There are four basic color tones that your teeth can be: (A) reddish brown, (B) reddish yellow, (C ) gray, and (D) reddish gray. When preparing for a whitening treatment, your dentist will use a shade guide with one of four different shades to determine your natural tooth color and show your anticipated results. Depending on whether you are an A, B, C, or D, you can expect to have different results. 

Shade guide showing the four color tones of teeth

Although most people say they want “white” teeth, true white may not actually be the best look for your smile. In actuality, the average tooth color is A3, which is not true white and has a slight red-yellow tint. However, even with this slightly colored tint, many people find the color of A3 to be aesthetically pleasing and would rate those with A3 teeth as having a beautiful smile. Now true white, on the other hand, is B1, which is the whitest natural shade. 

With teeth whitening procedures, you don’t have to completely whiten your teeth to “true white” levels to see results.

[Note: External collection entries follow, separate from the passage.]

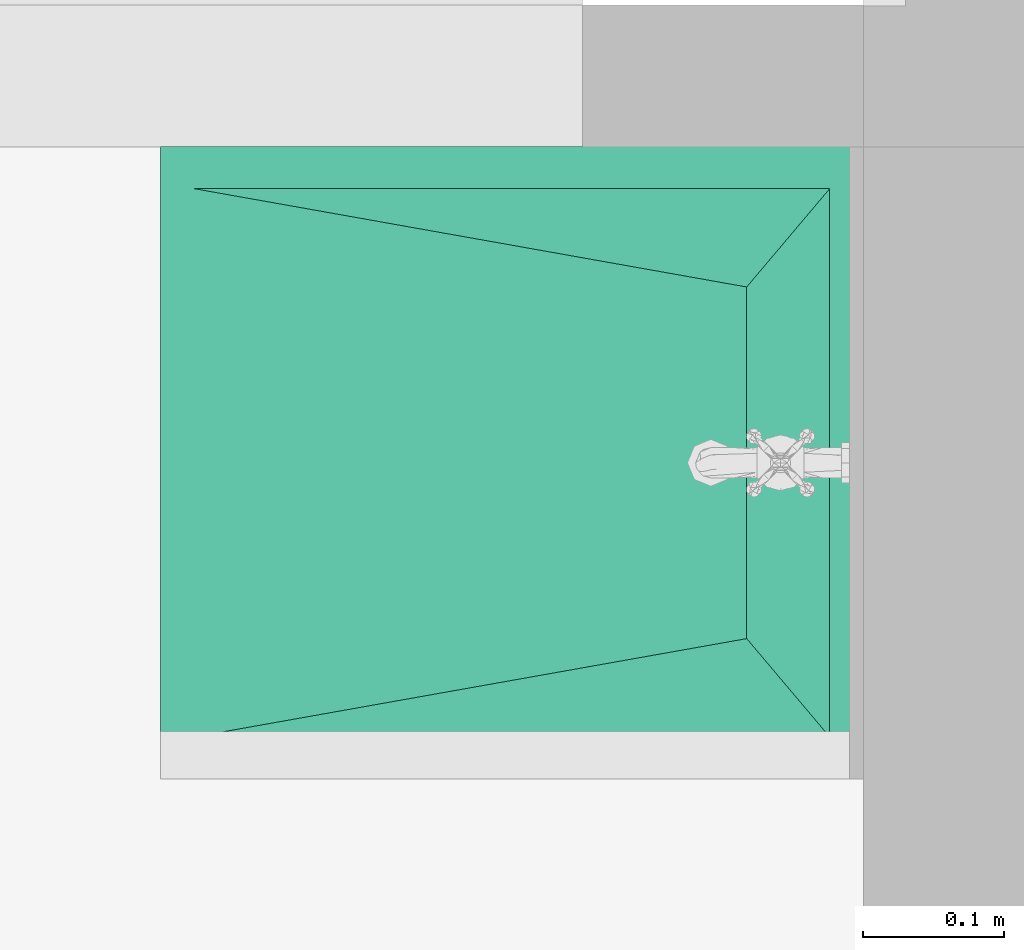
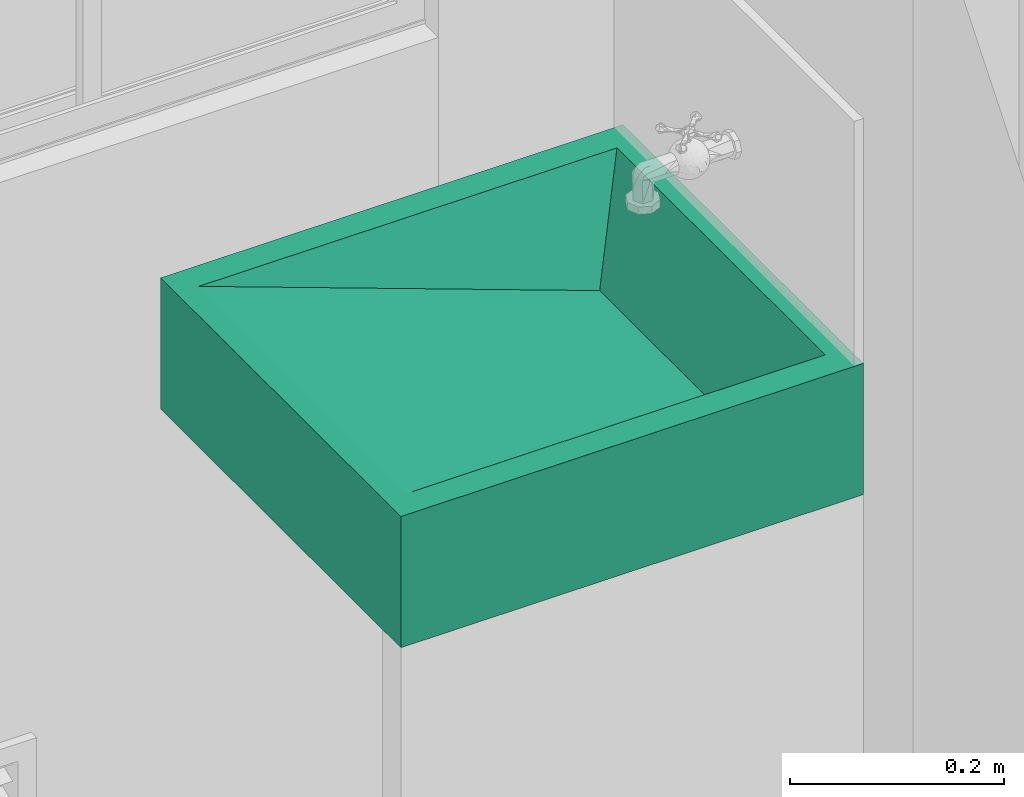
# One storey, part 40 of 48: 1 flow terminal.
"""IFC4 building model written with IfcOpenShell, lengths in metres."""

from ifc_helpers import new_model, entity, si_unit, converted_unit, derived_unit, direction, frame, origin, place, context, subcontext, project, spatial, polygons, source, transform, mapped, material, type_object, type_shapes, element, save


model = new_model("IFC4")

# Units and contexts
model_context = context("Model", 3, precision=1e-05, world=origin(), true_north=direction((6.123031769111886e-17, 1.0)))
body_context = subcontext(model_context, "Body", "Model", "MODEL_VIEW")
ifc_project = project(units=[si_unit("LENGTHUNIT", "METRE"), si_unit("AREAUNIT", "SQUARE_METRE"), si_unit("VOLUMEUNIT", "CUBIC_METRE"), converted_unit("PLANEANGLEUNIT", "DEGREE", entity("IfcRatioMeasure", 0.017453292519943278), si_unit("PLANEANGLEUNIT", "RADIAN"), dimensions=[0, 0, 0, 0, 0, 0, 0]), si_unit("MASSUNIT", "GRAM", prefix="KILO"), derived_unit("MASSDENSITYUNIT", [(si_unit("MASSUNIT", "GRAM", prefix="KILO"), 1), (si_unit("LENGTHUNIT", "METRE"), -3)]), derived_unit("IONCONCENTRATIONUNIT", [(si_unit("MASSUNIT", "GRAM", prefix="KILO"), 1), (si_unit("LENGTHUNIT", "METRE"), -3)]), derived_unit("MOMENTOFINERTIAUNIT", [(si_unit("LENGTHUNIT", "METRE"), 4)]), si_unit("TIMEUNIT", "SECOND"), si_unit("FREQUENCYUNIT", "HERTZ"), si_unit("THERMODYNAMICTEMPERATUREUNIT", "DEGREE_CELSIUS"), derived_unit("THERMALTRANSMITTANCEUNIT", [(si_unit("MASSUNIT", "GRAM", prefix="KILO"), 1), (si_unit("THERMODYNAMICTEMPERATUREUNIT", "KELVIN"), -1), (si_unit("TIMEUNIT", "SECOND"), -3)]), derived_unit("THERMALCONDUCTANCEUNIT", [(si_unit("MASSUNIT", "GRAM", prefix="KILO"), 1), (si_unit("THERMODYNAMICTEMPERATUREUNIT", "KELVIN"), -1), (si_unit("TIMEUNIT", "SECOND"), -3), (si_unit("LENGTHUNIT", "METRE"), 1)]), derived_unit("VOLUMETRICFLOWRATEUNIT", [(si_unit("LENGTHUNIT", "METRE"), 3), (si_unit("TIMEUNIT", "SECOND"), -1)]), derived_unit("MASSFLOWRATEUNIT", [(si_unit("MASSUNIT", "GRAM", prefix="KILO"), 1), (si_unit("TIMEUNIT", "SECOND"), -1)]), derived_unit("ROTATIONALFREQUENCYUNIT", [(si_unit("TIMEUNIT", "SECOND"), -1)]), si_unit("ELECTRICCURRENTUNIT", "AMPERE"), si_unit("ELECTRICVOLTAGEUNIT", "VOLT"), si_unit("POWERUNIT", "WATT"), si_unit("FORCEUNIT", "NEWTON", prefix="KILO"), si_unit("ILLUMINANCEUNIT", "LUX"), si_unit("LUMINOUSFLUXUNIT", "LUMEN"), si_unit("LUMINOUSINTENSITYUNIT", "CANDELA"), derived_unit("USERDEFINED", [(si_unit("MASSUNIT", "GRAM", prefix="KILO"), -1), (si_unit("LENGTHUNIT", "METRE"), -2), (si_unit("TIMEUNIT", "SECOND"), 3), (si_unit("LUMINOUSFLUXUNIT", "LUMEN"), 1)]), derived_unit("USERDEFINED", [(si_unit("MASSUNIT", "GRAM", prefix="KILO"), 1), (si_unit("TIMEUNIT", "SECOND"), -3), (si_unit("LENGTHUNIT", "METRE"), 3), (si_unit("ELECTRICCURRENTUNIT", "AMPERE"), -2)]), derived_unit("SOUNDPOWERUNIT", [(si_unit("MASSUNIT", "GRAM", prefix="KILO"), 1), (si_unit("TIMEUNIT", "SECOND"), -3), (si_unit("LENGTHUNIT", "METRE"), 2)]), derived_unit("SOUNDPRESSUREUNIT", [(si_unit("MASSUNIT", "GRAM", prefix="KILO"), 1), (si_unit("LENGTHUNIT", "METRE"), -1), (si_unit("TIMEUNIT", "SECOND"), -2)]), derived_unit("LINEARVELOCITYUNIT", [(si_unit("LENGTHUNIT", "METRE"), 1), (si_unit("TIMEUNIT", "SECOND"), -1)]), si_unit("PRESSUREUNIT", "PASCAL"), derived_unit("USERDEFINED", [(si_unit("MASSUNIT", "GRAM", prefix="KILO"), 1), (si_unit("LENGTHUNIT", "METRE"), -2), (si_unit("TIMEUNIT", "SECOND"), -2)]), derived_unit("LINEARFORCEUNIT", [(si_unit("MASSUNIT", "GRAM", prefix="KILO"), 1), (si_unit("TIMEUNIT", "SECOND"), -2)]), derived_unit("PLANARFORCEUNIT", [(si_unit("MASSUNIT", "GRAM", prefix="KILO"), 1), (si_unit("LENGTHUNIT", "METRE"), -1), (si_unit("TIMEUNIT", "SECOND"), -2)]), derived_unit("SPECIFICHEATCAPACITYUNIT", [(si_unit("THERMODYNAMICTEMPERATUREUNIT", "KELVIN"), -1), (si_unit("LENGTHUNIT", "METRE"), 2), (si_unit("TIMEUNIT", "SECOND"), -2)]), derived_unit("HEATINGVALUEUNIT", [(si_unit("LENGTHUNIT", "METRE"), 2), (si_unit("TIMEUNIT", "SECOND"), -2)]), derived_unit("VAPORPERMEABILITYUNIT", [(si_unit("LENGTHUNIT", "METRE"), -1), (si_unit("TIMEUNIT", "SECOND"), 1)]), derived_unit("DYNAMICVISCOSITYUNIT", [(si_unit("MASSUNIT", "GRAM", prefix="KILO"), 1), (si_unit("TIMEUNIT", "SECOND"), -1), (si_unit("LENGTHUNIT", "METRE"), -1)]), derived_unit("THERMALEXPANSIONCOEFFICIENTUNIT", [(si_unit("THERMODYNAMICTEMPERATUREUNIT", "KELVIN"), -1)]), derived_unit("MODULUSOFELASTICITYUNIT", [(si_unit("MASSUNIT", "GRAM", prefix="KILO"), 1), (si_unit("LENGTHUNIT", "METRE"), -1), (si_unit("TIMEUNIT", "SECOND"), -2)]), derived_unit("ISOTHERMALMOISTURECAPACITYUNIT", [(si_unit("LENGTHUNIT", "METRE"), 3), (si_unit("MASSUNIT", "GRAM", prefix="KILO"), -1)]), derived_unit("MOISTUREDIFFUSIVITYUNIT", [(si_unit("TIMEUNIT", "SECOND"), -1), (si_unit("LENGTHUNIT", "METRE"), 2)])], contexts=[model_context])

# Site, building, storey, space
site_placement = place(None, origin())
site = spatial("IfcSite", under=ifc_project, at=site_placement, Name="Default", CompositionType="ELEMENT")
building_placement = place(site_placement, origin())
building = spatial("IfcBuilding", under=site, at=building_placement, CompositionType="ELEMENT")
storey_placement = place(building_placement, frame((0.0, 0.0, 7.050000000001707)))
storey = spatial("IfcBuildingStorey", under=building, at=storey_placement, Name="Nivel 4", CompositionType="ELEMENT", Elevation=7.050000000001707)
space_placement = place(storey_placement, origin())
space = spatial("IfcSpace", under=storey, at=space_placement, Name="227", CompositionType="ELEMENT", PredefinedType="SPACE")

# Flow terminal
ifc_material = material(Name="Lavadero", Category="Materials")
distribution_element_type = type_object("IfcDistributionElementType", Name="D2010 - Lavadero - Granito:D2010 - Lavadero - Concreto", material=ifc_material)
shared_shape = source(origin(), body_context, "Body", "Tessellation", [
    polygons([(0.03000000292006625, 0.47600086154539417, 0.15000000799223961), (0.02999997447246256, 0.024000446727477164, 0.15000000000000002), (0.09992663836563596, 0.08303011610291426, 0.05000015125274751), (0.4199999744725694, 0.024000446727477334, 0.15000000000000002), (0.3500731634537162, 0.08303019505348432, 0.050000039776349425), (0.4199999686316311, 0.4760007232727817, 0.15000001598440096), (0.4499999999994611, 0.5000004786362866, 0.0), (0.4499999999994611, 0.5000004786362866, 0.15000000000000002), (0.4499999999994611, 3.383959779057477e-17, 0.15000000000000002), (0.4499999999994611, 3.383959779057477e-17, 0.0), (6.767919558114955e-17, 0.5000004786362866, 0.0), (6.767919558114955e-17, 0.5000004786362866, 0.15000000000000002), (6.767919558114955e-17, 3.383959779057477e-17, 0.0), (6.767919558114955e-17, 3.383959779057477e-17, 0.15000000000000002), (0.4199999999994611, 0.4800004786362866, 0.0), (0.030000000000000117, 0.4800004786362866, 0.0), (0.030000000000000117, 0.019999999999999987, 0.0), (0.4199999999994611, 0.019999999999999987, 0.0), (0.4199999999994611, 0.4800004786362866, 0.034883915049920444), (0.4199999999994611, 0.019999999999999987, 0.034883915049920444), (0.030000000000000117, 0.4800004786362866, 0.034883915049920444), (0.030000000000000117, 0.019999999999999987, 0.034883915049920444)], [[[1, 2, 3]], [[2, 4, 5, 3]], [[4, 6, 5]], [[3, 5, 6, 1]], [[7, 8, 9, 10]], [[7, 11, 12, 8]], [[11, 13, 14, 12]], [[9, 14, 13, 10]], [[10, 13, 11, 7], [15, 16, 17, 18]], [[8, 12, 14, 9], [1, 6, 4, 2]], [[19, 15, 18, 20]], [[21, 16, 15, 19]], [[22, 17, 16, 21]], [[20, 18, 17, 22]], [[20, 22, 21, 19]]], closed=True),
])
type_shapes(distribution_element_type, [shared_shape])
flow_terminal_placement = place(space_placement, frame((14.557500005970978, -8.175000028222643, 0.7799999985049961), z_axis=(0.0, 0.0, 1.0), x_axis=(0.0, 1.0, 0.0)))
element("IfcFlowTerminal", 1, at=flow_terminal_placement, inside=space, type_object=distribution_element_type, material=ifc_material, Name="D2010 - Lavadero - Granito:D2010 - Lavadero - Concreto", ObjectType="D2010 - Lavadero - Granito:D2010 - Lavadero - Concreto", context=body_context, shape_type="MappedRepresentation", body=[
    mapped(shared_shape, transform((0.0, 0.0, 0.0), scale=1.0)),
])

save(model, "model.ifc")

In fact, most people do not whiten all the way to B1 because they wish to have a natural appearance, and teeth that appear too white may not have the most natural look. Still, whitening your teeth can remove years of stains and discolorations, making your smile appear both younger and brighter. And now that you understand the science behind teeth whitening, you don’t have to doubt that an hour in the dentist’s chair is definitely worth the results.